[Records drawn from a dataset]
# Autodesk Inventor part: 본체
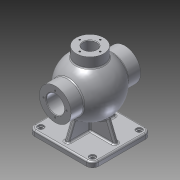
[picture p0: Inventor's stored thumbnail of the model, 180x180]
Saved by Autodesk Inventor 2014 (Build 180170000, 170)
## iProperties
Created: 2015-10
Part Number: 본체
Material: Aluminum 6061
Document SubType Name: Modeling
Designer: youjin20
Density: 2.71 g/cm^3
Appearance: Aluminum - Flat
Mass: 1509.67 g
Surface Area: 1153.69 cm^2
Volume: 557.072 cm^3
Author: youjin20
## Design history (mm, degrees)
sketch "Sketch2"
  geometry: L1 (50.5, -57.5)-(-50.5, -57.5); L2 (-62.5, -45.5)-(-62.5, 45.5); L3 (-50.5, 57.5)-(50.5, 57.5); L4 (62.5, 45.5)-(62.5, -45.5); L5 (62.5, -57.5)-(-62.5, 57.5); L6 (-62.5, -57.5)-(62.5, 57.5); A1 r 12 centre (50.5, 45.5) between (62.5, 45.5) and (50.5, 57.5); A2 r 12 centre (-50.5, 45.5) between (-50.5, 57.5) and (-62.5, 45.5); A3 r 12 centre (-50.5, -45.5) between (-62.5, -45.5) and (-50.5, -57.5); A4 r 12 centre (50.5, -45.5) between (50.5, -57.5) and (62.5, -45.5); 1 further point
  constraints: 12 end point, 8 point on circle, 8 point on line, 8 tangent, 4 centre point, 3 equal radius, 2 midpoint, 2 parallel, 1 horizontal, 1 perpendicular
  dimensions: "d0" = 125 distance of L5.end L6.end; "d1" = 115 distance of L6.start L5.end; "d2" = 12 radius of A1; "d3" = 101 distance of A2.centre A1.centre (derived)
extrude "Extrusion1" new body sketch "Sketch2" distance "d4" = 10; taper "d5" = 0 deg
sketch "Sketch3"
  geometry: A1 r 12 centre (50.5, -45.5) between (50.5, -57.5) and (62.5, -45.5) reference; A2 r 12 centre (50.5, 45.5) between (62.5, 45.5) and (50.5, 57.5) reference; A3 r 12 centre (-50.5, 45.5) between (-50.5, 57.5) and (-62.5, 45.5) reference; A4 r 12 centre (-50.5, -45.5) between (-62.5, -45.5) and (-50.5, -57.5) reference; 5 further points
  constraints: 4 coincident
hole "Hole1" sketch "Sketch3" at (-50.5, 45.5), (50.5, 45.5), (50.5, -45.5), (-50.5, -45.5) diameter "d6" = 8; stored, may be unused: countersink angle "d10" = 90 deg, drill point angle "d12" = 0 deg; dims "d7" = 6, "d8" = 12, "d9" = 3, "d11" = 8
sketch "Sketch4"
  geometry: L1 (-53, 85)-(-43, 85); L2 (-43, 85)-(43, 85); L3 (43, 85)-(53, 85); A1 r 53 centre (0, 85) between (-53, 85) and (53, 85); A2 r 43 centre (0, 85) between (-43, 85) and (43, 85); 2 further points
  constraints: 6 end point, 4 point on circle, 3 horizontal, 2 centre point, 2 coincident, 1 midpoint, 1 point on line, 1 vertical alignment
  dimensions: "d13" = 53 radius of A1; "d14" = 43 radius of A2; "d15" = 85 distance of point (0, 0) A2.centre
revolve "Revolution1" sketch "Sketch4" stored, may be unused: angle "d16" = 90 deg
workplane "Work Plane1"
sketch "Sketch5"
  geometry: C1 r 27 at (0, 0); 1 further point
  constraints: 1 centre point, 1 coincident
  dimensions: "d18" = 54 diameter of C1
extrude "Extrusion2" join sketch "Sketch5" stored distance "d19" = 10; taper "d20" = 0 deg
workplane "Work Plane2"
sketch "Sketch6"
  geometry: L1 (0, -27)-(0, 27) reference; L2 (0, 27)-(19.393, 27) reference; L3 (0, -27)-(19.393, -27) reference; 3 further points
  constraints: 1 horizontal alignment, 1 midpoint, 1 other
  dimensions: "d21" = 10 distance from line of point (10, 0) L1; "d120" = 27 distance from line of L3 point (10, 0) (derived)
emboss "Emboss1" sketch "Sketch6" dims "d0" = 125, "d1" = 115, "d2" = 12, "d3" = 101 (derived), "d23" = 0.5, "d24" = 0
sketch "Sketch7"
  geometry: L1 (4, 4)-(-4, 4); L2 (-4, 4)-(-4, -4); L3 (-4, -4)-(4, -4); L4 (4, -4)-(4, 4); L5 (4, 4)-(-4, -4); L6 (-4, 4)-(4, -4); 1 further point
  constraints: 12 end point, 2 midpoint, 2 parallel, 1 horizontal, 1 perpendicular
  dimensions: "d25" = 8 distance of L3.end L2.end; "d26" = 8 distance of L2.end L1.end
extrude "Extrusion3" join sketch "Sketch7" stored distance "d27" = 10; taper "d28" = 0 deg
sketch "Sketch8"
  geometry: L1 (-52.5, 10)-(-37.379, 47.426); L2 (52.5, 10)-(37.379, 47.426); L3 (62.5, 10)-(50.5, 10) reference; L4 (62.5, 0)-(62.5, 10) reference; L5 (-50.5, 10)-(-62.5, 10) reference; L6 (-62.5, 0)-(-62.5, 10) reference; A1 r 53 centre (0, 85) between (-27, 130.607) and (27, 130.607) reference; 1 further point
  constraints: 4 end point, 2 point on circle, 2 point on line
  dimensions: "d29" = 22 deg angle of L6 L1; "d30" = 22 deg angle of L2 L4; "d31" = 10 distance of L5.end L1.start; "d32" = 10 distance of L3.start L2.start
feature "Rib1" dims "d33" = 1, "d34" = 8, "d35" = 0, "d36" = 0, "d37" = 1, "d38" = 1
feature "Rib2" dims "d39" = 1, "d40" = 8, "d41" = 0, "d42" = 0, "d43" = 1, "d44" = 1
sketch "Sketch9"
  geometry: L1 (10, 47.5)-(44.109, 33.719); L2 (10, -47.5)-(44.109, -33.719); L3 (10, 45.5)-(10, 57.5) reference; L4 (0, 57.5)-(10, 57.5) reference; L5 (10, -57.5)-(10, -45.5) reference; L6 (0, -57.5)-(10, -57.5) reference; A1 r 53 centre (85, 0) between (130.607, 27) and (130.607, -27) reference; 1 further point
  constraints: 4 end point, 2 point on circle, 2 point on line
  dimensions: "d45" = 22 deg angle of L4 L1; "d46" = 22 deg angle of L2 L6; "d47" = 10 distance of L5.start L2.start; "d48" = 10 distance from line of L4 L1.start
feature "Rib3" dims "d49" = 1, "d50" = 8, "d51" = 0, "d52" = 0, "d53" = 1, "d54" = 1
feature "Rib4" dims "d55" = 1, "d56" = 8, "d57" = 0, "d58" = 0, "d59" = 1, "d60" = 1
workplane "Work Plane3"
sketch "Sketch10"
  geometry: L1 (-50.5, 0)-(50.5, 0) reference; C1 r 31 at (0, 85); 1 further point
  constraints: 1 centre point, 1 vertical alignment
  dimensions: "d62" = 62 diameter of C1; "d63" = 85 distance from line of L1 C1.centre
extrude "Extrusion4" join sketch "Sketch10" stored distance "d64" = 10; taper "d65" = 0 deg
fillet "Fillet1" dims "d66" = 3
sketch "Sketch11"
  geometry: C1 r 31 at (0, 0) reference; C2 r 17.5 at (0, 0); 1 further point
  constraints: 1 centre point, 1 coincident
  dimensions: "d67" = 35 diameter of C2
extrude "Extrusion5" cut sketch "Sketch11" stored distance "d68" = 10; taper "d69" = 0 deg
mirror "Mirror1"
sketch "Sketch12"
  geometry: L1 (54, -68)-(116, -68) reference; L2 (85, -38.465)-(85, -68); L3 (85, -38.465)-(102.5, -38.465); L4 (102.5, -38.465)-(102.5, -50.25); L5 (102.5, -50.25)-(103.5, -50.25); L6 (103.5, -50.25)-(103.5, -52); L7 (103.5, -52)-(102.5, -52); L8 (102.5, -52)-(102.5, -68); L9 (102.5, -68)-(85, -68); L10 (102.5, 39.278)-(67.5, 39.278) reference; 1 further point
  constraints: 16 end point, 5 perpendicular, 3 parallel, 2 midpoint, 1 collinear, 1 point on line
  dimensions: "d70" = 35 diameter of L8 L2; "d71" = 16 distance between parallel lines of L1 L7; "d72" = 37 diameter of L6 L2; "d73" = 1.75 distance from line of L7.end L5
revolve "Revolution2" sketch "Sketch12" stored, may be unused: angle "d74" = 90 deg
sketch "Sketch13" dims "d75" = 45
  geometry: C1 r 31 at (0, 0) reference; 6 further points
  constraints: 2 vertical alignment, 1 coincident, 7 other
  dimensions: "d78" = 360 deg dimension on point (0, 0) point (0, 22.5) (derived)
hole "Hole2" sketch "Sketch13" at (0, 22.5), (-22.5, 0), (0, -22.5), (22.5, 0) diameter "d80" = 3.242; stored, may be unused: countersink angle "d84" = 90 deg, drill point angle "d86" = 118 deg; dims "d81" = 12, "d82" = 12, "d83" = 3, "d85" = 15
sketch "Sketch14"
  geometry: C1 r 27 at (0, 0) reference; C2 r 13 at (0, 0)
  constraints: 1 centre point, 1 coincident
  dimensions: "d87" = 26 diameter of C2
extrude "Extrusion6" cut sketch "Sketch14" stored distance "d88" = 10; taper "d89" = 0 deg
sketch "Sketch15" dims "d90" = 40
  geometry: C1 r 27 at (0, 0) reference; 5 further points
  constraints: 2 vertical alignment, 1 coincident, 7 other
  dimensions: "d93" = 360 deg dimension on point (0, 0) point (0, 20) (derived)
hole "Hole3" sketch "Sketch15" at (0, 20), (-20, 0), (0, -20), (20, 0) diameter "d95" = 3.242; stored, may be unused: countersink angle "d99" = 90 deg, drill point angle "d101" = 118 deg; dims "d96" = 9, "d97" = 12, "d98" = 3, "d100" = 11
sketch "Sketch16" dims "d102" = 48
  geometry: C1 r 31 at (0, 0) reference; 6 further points
  constraints: 2 vertical alignment, 1 coincident, 7 other
  dimensions: "d105" = 360 deg dimension on point (0, 0) point (0, 24) (derived)
hole "Hole4" sketch "Sketch16" at (0, 24), (-24, 0), (0, -24), (24, 0) diameter "d107" = 3.242; stored, may be unused: countersink angle "d111" = 90 deg, drill point angle "d113" = 118 deg; dims "d108" = 16, "d109" = 12, "d110" = 3, "d112" = 19
fillet "Fillet2" dims "d114" = 3
fillet "Fillet3" dims "d115" = 3
fillet "Fillet4" dims "d116" = 3
chamfer "Chamfer1" distance "d117" = 1; stored, may be unused: second distance "d118" = 2, angle "d119" = 45 deg
body "Solid1"
node "Projected Loop1"
other parameters: "d61" = 68

**EXERCISE AIM:** The word is "Aluminum". Copy every line above where it appears.

**ANSWER SECTION:**
Material: Aluminum 6061
Appearance: Aluminum - Flat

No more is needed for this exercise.